Submit proposed copy to each financial service provider in the Wayfair Financing platform (Affirm, Genesis, Fortiva, Acima, and Katapult), Citibank, and Wayfair’s Loyalty and Financing team.
After receiving feedback from all providers, either actioned on it directly or discussed further with the provider, typically to understand the spirit or principle behind often-prescriptive legal feedback, so I could ensure the final copy would be comprehensible for users.
Repeat until all copy was approved and met our quality bar.
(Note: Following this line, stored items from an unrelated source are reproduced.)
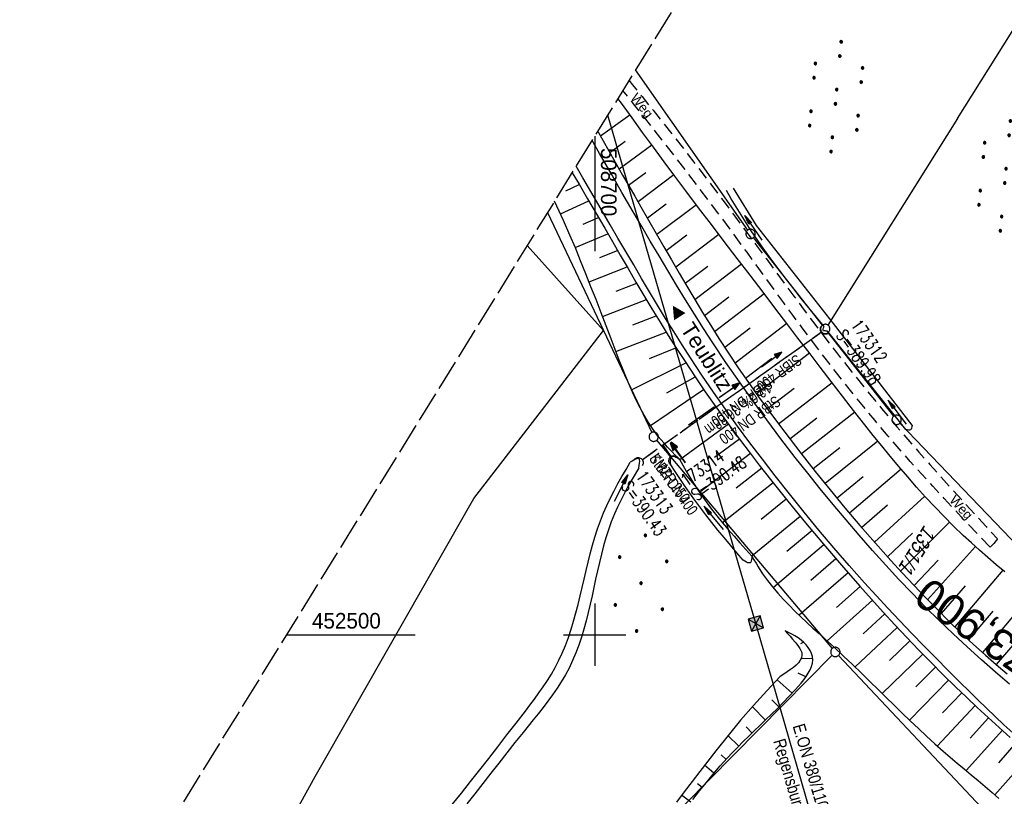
# Model space of a CAD drawing. Extents: x 508608 to 509338, y 452280 to 453218.
# Tile 9 of 29: x 508608 to 508766, y 452474 to 452599. Entities that reach past the tile are written whole.
import ezdxf
from ezdxf.enums import TextEntityAlignment as Align

# ---------------------------------------------------------------- set-up
doc = ezdxf.new("R2010")
doc.units = 0
doc.header["$LTSCALE"] = 10
doc.header["$MEASUREMENT"] = 0
for name, pattern in [('AUSGEZOGEN', [0]), ('LT00', [0]), ('LT11', [0.3, 0.2, -0.1]), ('LT12', [0.4, 0.3, -0.1]), ('LT14', [0.6, 0.5, -0.1]), ('LT17', [0.15, 0.1, -0.05]), ('STRICHLINIE2', [0.375, 0.25, -0.125])]:
    doc.linetypes.add(name, pattern=pattern)
doc.layers.get('0').update_dxf_attribs({"linetype": 'LT00'})
for name, color, linetype in [('--EK_FBR', 250, 'LT00'), ('--EK_Halt-Pfeil', 4, 'LT00'), ('--EK_Haltung', 7, 'STRICHLINIE2'), ('--EK_Haltung-Text', 140, 'LT00'), ('--EK_Schacht-Text', 5, 'LT00'), ('--EK_ST-93-1', 30, 'LT17'), ('--EL_Halt-Pfeil', 4, 'LT00'), ('--EL_Haltung', 182, 'STRICHLINIE2'), ('--EL_Haltung-Text', 182, 'LT00'), ('DFK_FLUR_NR', 250, 'LT00'), ('DFK_GZPKT', 250, 'LT00'), ('DFK_KATASTER', 250, 'LT00'), ('DFK_NUTZUNG', 250, 'LT00'), ('DL', 182, 'LT12'), ('DL_PFEIL', 201, 'LT00'), ('DL_TEXT', 182, 'LT00'), ('FELDWEG_TEXT', 250, 'Continuous'), ('ORTSRICHTUNG', 7, 'Continuous'), ('PFEIL', 140, 'AUSGEZOGEN'), ('STROM_FREILTG', 80, 'STROMFREILEITUNG'), ('STROM_TEXT', 80, 'Continuous'), ('V119_AFBR_BAB', 250, 'LT00'), ('V119_BOESCH', 250, 'LT00'), ('V119_BOSCHUNG', 250, 'LT00'), ('V119_FELDWEG', 250, 'LT11'), ('V119_GRABEN', 250, 'LT00'), ('V119_RASTER', 250, 'LT00'), ('V119_UK_DURCH', 182, 'LT00')]:
    doc.layers.add(name, color=color, linetype=linetype)
doc.layers.add('-BLATT_119-RAND', color=7, linetype='LT14', plot=False)
doc.styles.add('Beschrift', font='ARIAL.TTF')
doc.styles.add('Haltungsbeschriftung', font='ARIAL.TTF', dxfattribs={"width": 0.75})
doc.styles.add('schachtbeschriftung', font='romans.shx', dxfattribs={"width": 0.75, "height": 2})
doc.styles.get("Standard").update_dxf_attribs({"font": 'ARIAL.TTF'})
doc.styles.add('Strom', font='txt-alt.shx')
doc.styles.add('Versorgungsltg', font='ARIAL.TTF', dxfattribs={"width": 0.8, "height": 2})
doc.linetypes.add('STROMFREILEITUNG', pattern='A,12.7,-5.5,["xx",Strom,S=2.5,R=0,X=-2.6,Y=-0.85],-4.35', length=22.55)

# ---------------------------------------------------------------- blocks, each defined once
blk = doc.blocks.new('SYMB7010')
at = {"color": 0, "linetype": 'ByBlock'}
for points in [[(-0.031408, 0.499213), (-0.093728, 0.49134), (-0.15457, 0.475719), (-0.212975, 0.452595), (-0.268021, 0.422333), (-0.31884, 0.385411), (-0.36463, 0.342411), (-0.40467, 0.29401), (-0.438329, 0.240973), (-0.465074, 0.184136), (-0.484486, 0.124395), (-0.496256, 0.062692), (-0.5002, 0)], [(-0.5002, 0), (-0.496256, -0.062692), (-0.484486, -0.124395), (-0.465075, -0.184136), (-0.438329, -0.240973), (-0.404671, -0.29401), (-0.36463, -0.342411), (-0.31884, -0.385411), (-0.268021, -0.422333), (-0.212975, -0.452595), (-0.154571, -0.475719), (-0.093728, -0.49134), (-0.031408, -0.499213), (0.031408, -0.499213)], [(0.5002, 0), (0.496256, 0.062692), (0.484485, 0.124395), (0.465074, 0.184136), (0.438329, 0.240973), (0.40467, 0.29401), (0.36463, 0.342411), (0.31884, 0.385411), (0.268021, 0.422333), (0.212975, 0.452595), (0.15457, 0.475719), (0.093728, 0.49134), (0.031408, 0.499213), (-0.031408, 0.499213)], [(0.031408, -0.499213), (0.093728, -0.491341), (0.15457, -0.475719), (0.212975, -0.452595), (0.268021, -0.422333), (0.31884, -0.385411), (0.36463, -0.342411), (0.404671, -0.294011), (0.438329, -0.240974), (0.465075, -0.184136), (0.484486, -0.124395), (0.496256, -0.062692), (0.500201, 0)]]:
    blk.add_lwpolyline(points, dxfattribs=at)
blk = doc.blocks.new('SYMB7110')
at = {"color": 0, "linetype": 'ByBlock'}
for p, q in [((-0.515, 0.392919), (-0.515, 0.367081)), ((-0.51, 0.362895), (-0.51, 0.397105)), ((-0.505, 0.399164), (-0.505, 0.360836)), ((-0.5, 0.360204), (-0.5, 0.399796)), ((-0.495, 0.399164), (-0.495, 0.360836)), ((-0.49, 0.362895), (-0.49, 0.397105)), ((-0.485, 0.392919), (-0.485, 0.367081)), ((-0.48, 0.379874), (-0.48, 0.380145)), ((-0.285, 0.392919), (-0.285, 0.367081)), ((-0.28, 0.362895), (-0.28, 0.397105)), ((-0.275, 0.399164), (-0.275, 0.360836)), ((-0.27, 0.360204), (-0.27, 0.399796)), ((-0.265, 0.399164), (-0.265, 0.360836)), ((-0.26, 0.362895), (-0.26, 0.397105)), ((-0.255, 0.392919), (-0.255, 0.367081)), ((-0.25, 0.379874), (-0.25, 0.380146)), ((0.255, 0.392919), (0.255, 0.367081)), ((0.26, 0.362895), (0.26, 0.397105)), ((0.265, 0.399164), (0.265, 0.360836)), ((0.27, 0.360204), (0.27, 0.399796)), ((0.275, 0.399164), (0.275, 0.360836)), ((0.28, 0.362895), (0.28, 0.397105)), ((0.285, 0.392919), (0.285, 0.367081)), ((0.29, 0.379874), (0.29, 0.380145)), ((0.485, 0.392919), (0.485, 0.367081)), ((0.49, 0.362895), (0.49, 0.397105)), ((0.495, 0.399164), (0.495, 0.360836)), ((0.5, 0.360204), (0.5, 0.399796)), ((0.505, 0.399164), (0.505, 0.360836)), ((0.51, 0.362895), (0.51, 0.397105)), ((0.515, 0.392919), (0.515, 0.367081)), ((0.52, 0.379874), (0.52, 0.380146)), ((-0.9, 0.012919), (-0.9, -0.012919)), ((-0.895, -0.017106), (-0.895, 0.017105)), ((-0.89, 0.019164), (-0.89, -0.019164)), ((-0.885, -0.019797), (-0.885, 0.019796)), ((-0.88, 0.019164), (-0.88, -0.019164)), ((-0.875, -0.017106), (-0.875, 0.017105)), ((-0.87, 0.012919), (-0.87, -0.012919)), ((-0.865, -0.000126), (-0.865, 0.000145)), ((-0.67, 0.012919), (-0.67, -0.012919)), ((-0.665, -0.017106), (-0.665, 0.017105)), ((-0.66, 0.019164), (-0.66, -0.019164)), ((-0.655, -0.019797), (-0.655, 0.019796)), ((-0.65, 0.019164), (-0.65, -0.019164)), ((-0.645, -0.017106), (-0.645, 0.017105)), ((-0.64, 0.012919), (-0.64, -0.012919)), ((-0.635, -0.000126), (-0.635, 0.000145)), ((-0.13, 0.012919), (-0.13, -0.012919)), ((-0.125, -0.017105), (-0.125, 0.017105)), ((-0.12, 0.019164), (-0.12, -0.019164)), ((-0.115, -0.019796), (-0.115, 0.019796)), ((-0.11, 0.019164), (-0.11, -0.019164)), ((-0.105, -0.017105), (-0.105, 0.017105)), ((-0.1, 0.012919), (-0.1, -0.012919)), ((-0.095, -0.000126), (-0.095, 0.000146)), ((0.1, 0.012919), (0.1, -0.012919)), ((0.105, -0.017105), (0.105, 0.017105)), ((0.11, 0.019164), (0.11, -0.019164)), ((0.115, -0.019796), (0.115, 0.019796)), ((0.12, 0.019164), (0.12, -0.019164)), ((0.125, -0.017105), (0.125, 0.017105)), ((0.13, 0.012919), (0.13, -0.012919)), ((0.135, -0.000126), (0.135, 0.000146)), ((0.64, 0.012919), (0.64, -0.012919)), ((0.645, -0.017105), (0.645, 0.017105)), ((0.65, 0.019164), (0.65, -0.019164)), ((0.655, -0.019796), (0.655, 0.019796)), ((0.66, 0.019164), (0.66, -0.019164)), ((0.665, -0.017105), (0.665, 0.017105)), ((0.67, 0.012919), (0.67, -0.012919)), ((0.675, -0.000126), (0.675, 0.000146)), ((0.87, 0.012919), (0.87, -0.012919)), ((0.875, -0.017105), (0.875, 0.017105)), ((0.88, 0.019164), (0.88, -0.019164)), ((0.885, -0.019796), (0.885, 0.019796)), ((0.89, 0.019164), (0.89, -0.019164)), ((0.895, -0.017105), (0.895, 0.017105)), ((0.9, 0.012919), (0.9, -0.012919)), ((0.905, -0.000126), (0.905, 0.000146)), ((-0.515, -0.367081), (-0.515, -0.392919)), ((-0.51, -0.397105), (-0.51, -0.362895)), ((-0.505, -0.360836), (-0.505, -0.399164)), ((-0.5, -0.399796), (-0.5, -0.360204)), ((-0.495, -0.360836), (-0.495, -0.399164)), ((-0.49, -0.397106), (-0.49, -0.362895)), ((-0.485, -0.367081), (-0.485, -0.392919)), ((-0.48, -0.380126), (-0.48, -0.379855)), ((-0.285, -0.367081), (-0.285, -0.392919)), ((-0.28, -0.397105), (-0.28, -0.362895)), ((-0.275, -0.360836), (-0.275, -0.399164)), ((-0.27, -0.399796), (-0.27, -0.360204)), ((-0.265, -0.360836), (-0.265, -0.399164)), ((-0.26, -0.397105), (-0.26, -0.362895)), ((-0.255, -0.367081), (-0.255, -0.392919)), ((-0.25, -0.380126), (-0.25, -0.379855)), ((0.255, -0.367081), (0.255, -0.392919)), ((0.26, -0.397105), (0.26, -0.362895)), ((0.265, -0.360836), (0.265, -0.399164)), ((0.27, -0.399796), (0.27, -0.360204)), ((0.275, -0.360836), (0.275, -0.399164)), ((0.28, -0.397105), (0.28, -0.362895)), ((0.285, -0.367081), (0.285, -0.392919)), ((0.29, -0.380126), (0.29, -0.379855)), ((0.485, -0.367081), (0.485, -0.392919)), ((0.49, -0.397105), (0.49, -0.362895)), ((0.495, -0.360836), (0.495, -0.399164)), ((0.5, -0.399796), (0.5, -0.360204)), ((0.505, -0.360836), (0.505, -0.399164)), ((0.51, -0.397105), (0.51, -0.362895)), ((0.515, -0.367081), (0.515, -0.392919)), ((0.52, -0.380126), (0.52, -0.379855))]:
    blk.add_line(p, q, dxfattribs=at)
for points in [[(-0.48, 0.38), (-0.481981, 0.388678), (-0.48753, 0.395637), (-0.49555, 0.399499), (-0.50445, 0.399499), (-0.51247, 0.395637), (-0.518019, 0.388678), (-0.52, 0.38), (-0.518019, 0.371322), (-0.51247, 0.364363), (-0.50445, 0.360501), (-0.49555, 0.360501), (-0.48753, 0.364363), (-0.481981, 0.371322), (-0.48, 0.38)], [(-0.25, 0.38), (-0.251981, 0.388678), (-0.25753, 0.395637), (-0.26555, 0.399499), (-0.27445, 0.399499), (-0.28247, 0.395637), (-0.288019, 0.388678), (-0.29, 0.38), (-0.288019, 0.371322), (-0.28247, 0.364363), (-0.27445, 0.360501), (-0.26555, 0.360501), (-0.25753, 0.364363), (-0.251981, 0.371322), (-0.25, 0.38)], [(0.29, 0.38), (0.288019, 0.388678), (0.28247, 0.395637), (0.27445, 0.399499), (0.26555, 0.399499), (0.25753, 0.395637), (0.251981, 0.388678), (0.25, 0.38), (0.251981, 0.371322), (0.25753, 0.364363), (0.26555, 0.360501), (0.27445, 0.360501), (0.28247, 0.364363), (0.288019, 0.371322), (0.29, 0.38)], [(0.52, 0.38), (0.518019, 0.388678), (0.51247, 0.395637), (0.50445, 0.399499), (0.495549, 0.399499), (0.48753, 0.395637), (0.481981, 0.388678), (0.48, 0.38), (0.481981, 0.371322), (0.48753, 0.364363), (0.495549, 0.360501), (0.50445, 0.360501), (0.51247, 0.364363), (0.518019, 0.371322), (0.52, 0.38)], [(-0.865, 0), (-0.866981, 0.008678), (-0.87253, 0.015637), (-0.88055, 0.019498), (-0.88945, 0.019498), (-0.89747, 0.015637), (-0.903019, 0.008678), (-0.905, 0)], [(-0.905, 0), (-0.903019, -0.008678), (-0.89747, -0.015637), (-0.88945, -0.019499), (-0.88055, -0.019499), (-0.87253, -0.015637), (-0.866981, -0.008678), (-0.865, 0)], [(-0.635, 0), (-0.636981, 0.008678), (-0.64253, 0.015637), (-0.65055, 0.019498), (-0.65945, 0.019498), (-0.66747, 0.015637), (-0.673019, 0.008678), (-0.675, 0)], [(-0.675, 0), (-0.673019, -0.008678), (-0.66747, -0.015637), (-0.65945, -0.019499), (-0.65055, -0.019499), (-0.64253, -0.015637), (-0.636981, -0.008678), (-0.635, 0)], [(-0.095, 0), (-0.096981, 0.008678), (-0.10253, 0.015637), (-0.11055, 0.019499), (-0.11945, 0.019499), (-0.12747, 0.015637), (-0.133019, 0.008678), (-0.135, 0)], [(-0.135, 0), (-0.133019, -0.008678), (-0.12747, -0.015637), (-0.11945, -0.019499), (-0.11055, -0.019499), (-0.10253, -0.015637), (-0.096981, -0.008678), (-0.095, 0)], [(0.135, 0), (0.133019, 0.008678), (0.12747, 0.015637), (0.11945, 0.019499), (0.11055, 0.019499), (0.10253, 0.015637), (0.096981, 0.008678), (0.095, 0)], [(0.095, 0), (0.096981, -0.008678), (0.10253, -0.015637), (0.11055, -0.019499), (0.11945, -0.019499), (0.12747, -0.015637), (0.133019, -0.008678), (0.135, 0)], [(0.675, 0), (0.673019, 0.008678), (0.66747, 0.015637), (0.65945, 0.019499), (0.65055, 0.019499), (0.64253, 0.015637), (0.636981, 0.008678), (0.635, 0)], [(0.635, 0), (0.636981, -0.008678), (0.64253, -0.015637), (0.65055, -0.019499), (0.65945, -0.019499), (0.66747, -0.015637), (0.673019, -0.008678), (0.675, 0)], [(0.905, 0), (0.903019, 0.008678), (0.89747, 0.015637), (0.88945, 0.019499), (0.88055, 0.019499), (0.87253, 0.015637), (0.866981, 0.008678), (0.865, 0)], [(0.865, 0), (0.866981, -0.008678), (0.87253, -0.015637), (0.88055, -0.019499), (0.88945, -0.019499), (0.89747, -0.015637), (0.903019, -0.008678), (0.905, 0)], [(-0.48, -0.38), (-0.481981, -0.371322), (-0.48753, -0.364363), (-0.49555, -0.360501), (-0.50445, -0.360501), (-0.51247, -0.364363), (-0.518019, -0.371322), (-0.52, -0.38), (-0.518019, -0.388678), (-0.51247, -0.395637), (-0.50445, -0.399499), (-0.49555, -0.399499), (-0.48753, -0.395637), (-0.481981, -0.388678), (-0.48, -0.38)], [(-0.25, -0.38), (-0.251981, -0.371322), (-0.25753, -0.364363), (-0.26555, -0.360501), (-0.27445, -0.360501), (-0.28247, -0.364363), (-0.288019, -0.371322), (-0.29, -0.38), (-0.288019, -0.388678), (-0.28247, -0.395637), (-0.27445, -0.399499), (-0.26555, -0.399499), (-0.25753, -0.395637), (-0.251981, -0.388678), (-0.25, -0.38)], [(0.29, -0.38), (0.288019, -0.371322), (0.28247, -0.364363), (0.27445, -0.360501), (0.26555, -0.360501), (0.25753, -0.364363), (0.251981, -0.371322), (0.25, -0.38), (0.251981, -0.388678), (0.25753, -0.395637), (0.26555, -0.399499), (0.27445, -0.399499), (0.28247, -0.395637), (0.288019, -0.388678), (0.29, -0.38)], [(0.52, -0.38), (0.518019, -0.371322), (0.51247, -0.364363), (0.50445, -0.360501), (0.495549, -0.360501), (0.48753, -0.364363), (0.481981, -0.371322), (0.48, -0.38), (0.481981, -0.388678), (0.48753, -0.395637), (0.495549, -0.399499), (0.50445, -0.399499), (0.51247, -0.395637), (0.518019, -0.388678), (0.52, -0.38)]]:
    blk.add_lwpolyline(points, dxfattribs=at)
blk = doc.blocks.new('Ackerland7')
at = {"layer": 'DFK_NUTZUNG', "color": 0, "linetype": 'ByBlock'}
for p, q in [((-4, 3.93), (-4, 3.67)), ((-3.95, 3.63), (-3.95, 3.97)), ((-3.9, 3.99), (-3.9, 3.61)), ((-3.85, 3.6), (-3.85, 4)), ((-3.8, 3.99), (-3.8, 3.61)), ((-3.75, 3.63), (-3.75, 3.97)), ((-3.7, 3.93), (-3.7, 3.67)), ((-3.65, 3.8), (-3.65, 3.8)), ((3.7, 3.93), (3.7, 3.67)), ((3.75, 3.63), (3.75, 3.97)), ((3.8, 3.99), (3.8, 3.61)), ((3.85, 3.6), (3.85, 4)), ((3.9, 3.99), (3.9, 3.61)), ((3.95, 3.63), (3.95, 3.97)), ((4, 3.93), (4, 3.67)), ((4.05, 3.8), (4.05, 3.8)), ((-7.85, 0.13), (-7.85, -0.13)), ((-7.8, -0.17), (-7.8, 0.17)), ((-7.75, 0.19), (-7.75, -0.19)), ((-7.7, -0.2), (-7.7, 0.2)), ((-7.65, 0.19), (-7.65, -0.19)), ((-7.6, -0.17), (-7.6, 0.17)), ((-7.55, 0.13), (-7.55, -0.13)), ((-7.5, 0), (-7.5, 0)), ((-0.15, 0.13), (-0.15, -0.13)), ((-0.1, -0.17), (-0.1, 0.17)), ((-0.05, 0.19), (-0.05, -0.19)), ((0, -0.2), (0, 0.2)), ((0.05, 0.19), (0.05, -0.19)), ((0.1, -0.17), (0.1, 0.17)), ((0.15, 0.13), (0.15, -0.13)), ((0.2, 0), (0.2, 0)), ((7.55, 0.13), (7.55, -0.13)), ((7.6, -0.17), (7.6, 0.17)), ((7.65, 0.19), (7.65, -0.19)), ((7.7, -0.2), (7.7, 0.2)), ((7.75, 0.19), (7.75, -0.19)), ((7.8, -0.17), (7.8, 0.17)), ((7.85, 0.13), (7.85, -0.13)), ((7.9, 0), (7.9, 0)), ((-4, -3.67), (-4, -3.93)), ((-3.95, -3.97), (-3.95, -3.63)), ((-3.9, -3.61), (-3.9, -3.99)), ((-3.85, -4), (-3.85, -3.6)), ((-3.8, -3.61), (-3.8, -3.99)), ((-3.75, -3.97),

Develop and finalize FAQ content based on internal and external stakeholder feedback
I leveraged our user research and data to shape the FAQ hierarchy: the five most critical questions were at the top, with subsequent questions behind a CTA to reduce cognitive load
The first questions introduced users to the Wayfair Financing product in greater deal, a critical job given that this was a first-to-market platform solution
Additional questions in the FAQ section that came from known areas of confusion and concern: understanding what different financing options were, and understanding who to contact to ask questions or troubleshoot
On a previous project, I conducted a social media sentiment analysis to learn about challenges Wayfair customers faced with financing furniture purchases and used those insights to shape the FAQ hierarchy and content
Including a question and detailed answer about the differences among the financing options didn’t get immediate buy-in because it opened up the product to legal risk, but my research showed it was important to users
By drawing from my research and iterating and collaborating with all six external organizations, I was successful in implementing the question in the landing page FAQ
Polish and ship final designs for primary landing page, with copy in context
The page headline leads with the core user benefit: financing enables customers to pay over time
Subcopy emphasizes simplicity and convenience without getting into the weeds of interest rates and APR
“How it works” section is designed for scannability and uses relevant spot illustrations to reduce cognitive load
“How it works” section copy a) reassures users about security and the minimal impact to their credit score, and b) reinforces the ease of the financing process by communicating that Wayfair will do the heavy lifting of finding a plan for them
“Our Partners” section drives confidence through social proof through known entities in consumer financing
What I’d do differently
Engage with external partners earlier to reduce time spent in compliance back-and-forth. While the churn wasn’t enormous, it did slow us down, and aligning earlier on low-fidelity concepts and scrappy copy options could have helped reduced that churn.
Earmark time for usability testing of our mock-ups to ensure users could understand the application process, financing options, etc. as described on the page. We had more than enough up front discovery work to understand user pain points, but didn’t have a chance to validate that what we had built would sole those known problems.